▶ [How to complete this task]
Among the entries below, find the lines that contain the string "CHOKE". State only how many there are.

▶ [Data for processing]
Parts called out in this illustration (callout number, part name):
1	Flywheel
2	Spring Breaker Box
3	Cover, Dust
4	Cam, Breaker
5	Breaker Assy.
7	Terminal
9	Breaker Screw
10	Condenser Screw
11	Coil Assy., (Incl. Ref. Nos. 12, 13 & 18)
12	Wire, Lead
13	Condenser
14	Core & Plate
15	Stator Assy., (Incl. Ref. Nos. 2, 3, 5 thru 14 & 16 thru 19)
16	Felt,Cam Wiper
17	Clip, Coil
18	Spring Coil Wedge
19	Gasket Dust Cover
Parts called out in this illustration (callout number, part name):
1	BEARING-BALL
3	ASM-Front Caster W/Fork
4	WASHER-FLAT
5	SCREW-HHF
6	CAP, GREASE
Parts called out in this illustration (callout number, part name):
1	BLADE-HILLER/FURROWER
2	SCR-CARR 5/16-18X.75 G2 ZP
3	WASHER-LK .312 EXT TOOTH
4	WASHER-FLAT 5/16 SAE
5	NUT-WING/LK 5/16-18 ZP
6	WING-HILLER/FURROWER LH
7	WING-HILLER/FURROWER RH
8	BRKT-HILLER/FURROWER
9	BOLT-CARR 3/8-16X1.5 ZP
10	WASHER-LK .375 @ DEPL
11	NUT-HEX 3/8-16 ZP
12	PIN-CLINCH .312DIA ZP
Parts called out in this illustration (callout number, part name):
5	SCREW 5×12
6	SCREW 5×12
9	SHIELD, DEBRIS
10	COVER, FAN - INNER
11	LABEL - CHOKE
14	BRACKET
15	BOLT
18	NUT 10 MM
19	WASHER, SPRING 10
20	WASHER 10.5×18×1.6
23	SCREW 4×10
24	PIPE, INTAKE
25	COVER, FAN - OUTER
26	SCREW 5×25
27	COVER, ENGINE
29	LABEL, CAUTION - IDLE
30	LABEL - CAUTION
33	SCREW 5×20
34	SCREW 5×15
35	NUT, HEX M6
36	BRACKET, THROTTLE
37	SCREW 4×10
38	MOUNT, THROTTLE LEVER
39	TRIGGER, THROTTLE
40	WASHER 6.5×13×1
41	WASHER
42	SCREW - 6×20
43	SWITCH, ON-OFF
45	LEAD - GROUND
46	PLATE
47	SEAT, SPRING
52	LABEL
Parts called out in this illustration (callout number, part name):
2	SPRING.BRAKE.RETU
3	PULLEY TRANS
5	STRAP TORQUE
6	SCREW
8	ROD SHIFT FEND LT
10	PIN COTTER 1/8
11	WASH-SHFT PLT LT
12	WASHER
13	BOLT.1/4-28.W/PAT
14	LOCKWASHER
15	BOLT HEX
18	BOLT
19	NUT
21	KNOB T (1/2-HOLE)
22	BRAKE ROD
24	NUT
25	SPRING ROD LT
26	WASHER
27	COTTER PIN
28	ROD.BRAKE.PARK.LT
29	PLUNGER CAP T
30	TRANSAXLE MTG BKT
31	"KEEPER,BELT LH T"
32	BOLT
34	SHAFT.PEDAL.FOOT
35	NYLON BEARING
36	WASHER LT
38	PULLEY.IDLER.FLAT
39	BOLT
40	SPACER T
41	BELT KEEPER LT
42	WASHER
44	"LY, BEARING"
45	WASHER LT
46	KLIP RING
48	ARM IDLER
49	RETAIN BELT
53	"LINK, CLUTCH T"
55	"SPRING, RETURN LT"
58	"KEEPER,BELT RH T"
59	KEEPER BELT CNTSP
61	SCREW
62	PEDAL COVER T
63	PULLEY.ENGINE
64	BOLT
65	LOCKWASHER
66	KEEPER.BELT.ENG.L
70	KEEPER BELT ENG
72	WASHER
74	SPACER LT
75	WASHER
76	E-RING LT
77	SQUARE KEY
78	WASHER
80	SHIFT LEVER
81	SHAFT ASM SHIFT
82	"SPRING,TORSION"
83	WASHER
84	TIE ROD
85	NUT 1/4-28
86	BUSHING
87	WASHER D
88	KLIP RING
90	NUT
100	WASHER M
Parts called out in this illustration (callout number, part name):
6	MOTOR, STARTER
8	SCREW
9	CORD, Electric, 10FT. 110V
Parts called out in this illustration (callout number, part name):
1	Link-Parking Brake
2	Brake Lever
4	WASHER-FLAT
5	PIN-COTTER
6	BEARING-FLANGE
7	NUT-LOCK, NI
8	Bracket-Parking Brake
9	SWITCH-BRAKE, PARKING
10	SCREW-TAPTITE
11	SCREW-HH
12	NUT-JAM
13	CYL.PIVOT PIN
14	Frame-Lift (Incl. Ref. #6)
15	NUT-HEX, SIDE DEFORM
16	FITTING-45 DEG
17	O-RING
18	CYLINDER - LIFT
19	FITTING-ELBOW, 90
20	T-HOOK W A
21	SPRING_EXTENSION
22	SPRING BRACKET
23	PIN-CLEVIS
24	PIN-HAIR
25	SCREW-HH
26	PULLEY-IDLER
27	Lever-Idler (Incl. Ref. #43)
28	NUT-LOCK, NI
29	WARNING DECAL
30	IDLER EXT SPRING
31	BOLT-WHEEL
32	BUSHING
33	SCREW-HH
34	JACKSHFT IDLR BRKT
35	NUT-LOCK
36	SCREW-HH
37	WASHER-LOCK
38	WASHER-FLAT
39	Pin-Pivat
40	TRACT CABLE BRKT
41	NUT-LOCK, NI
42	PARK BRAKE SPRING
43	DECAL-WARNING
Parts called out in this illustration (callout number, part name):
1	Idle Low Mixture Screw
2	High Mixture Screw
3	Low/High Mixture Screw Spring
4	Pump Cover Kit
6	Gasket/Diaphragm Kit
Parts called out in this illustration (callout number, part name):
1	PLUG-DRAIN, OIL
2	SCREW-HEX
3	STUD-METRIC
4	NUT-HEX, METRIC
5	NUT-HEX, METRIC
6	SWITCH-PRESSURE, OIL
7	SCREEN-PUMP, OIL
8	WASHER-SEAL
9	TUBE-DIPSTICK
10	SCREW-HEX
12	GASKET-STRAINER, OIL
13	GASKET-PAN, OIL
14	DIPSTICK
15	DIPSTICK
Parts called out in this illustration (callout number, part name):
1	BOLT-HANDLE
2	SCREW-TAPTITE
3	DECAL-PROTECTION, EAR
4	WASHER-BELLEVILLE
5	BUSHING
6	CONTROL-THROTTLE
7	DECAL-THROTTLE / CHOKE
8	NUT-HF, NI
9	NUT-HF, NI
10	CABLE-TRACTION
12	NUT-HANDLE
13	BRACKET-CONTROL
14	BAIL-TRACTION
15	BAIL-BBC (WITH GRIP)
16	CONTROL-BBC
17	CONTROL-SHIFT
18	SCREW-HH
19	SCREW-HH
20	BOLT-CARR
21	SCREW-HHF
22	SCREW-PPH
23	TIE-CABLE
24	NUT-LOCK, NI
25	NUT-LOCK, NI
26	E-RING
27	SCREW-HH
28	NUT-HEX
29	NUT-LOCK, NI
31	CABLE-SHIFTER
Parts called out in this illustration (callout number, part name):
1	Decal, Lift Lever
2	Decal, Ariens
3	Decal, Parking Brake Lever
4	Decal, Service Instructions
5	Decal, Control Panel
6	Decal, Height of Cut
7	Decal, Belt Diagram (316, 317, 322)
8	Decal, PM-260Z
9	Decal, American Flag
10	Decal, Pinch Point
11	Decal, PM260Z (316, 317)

▶ [Solved exercise]
2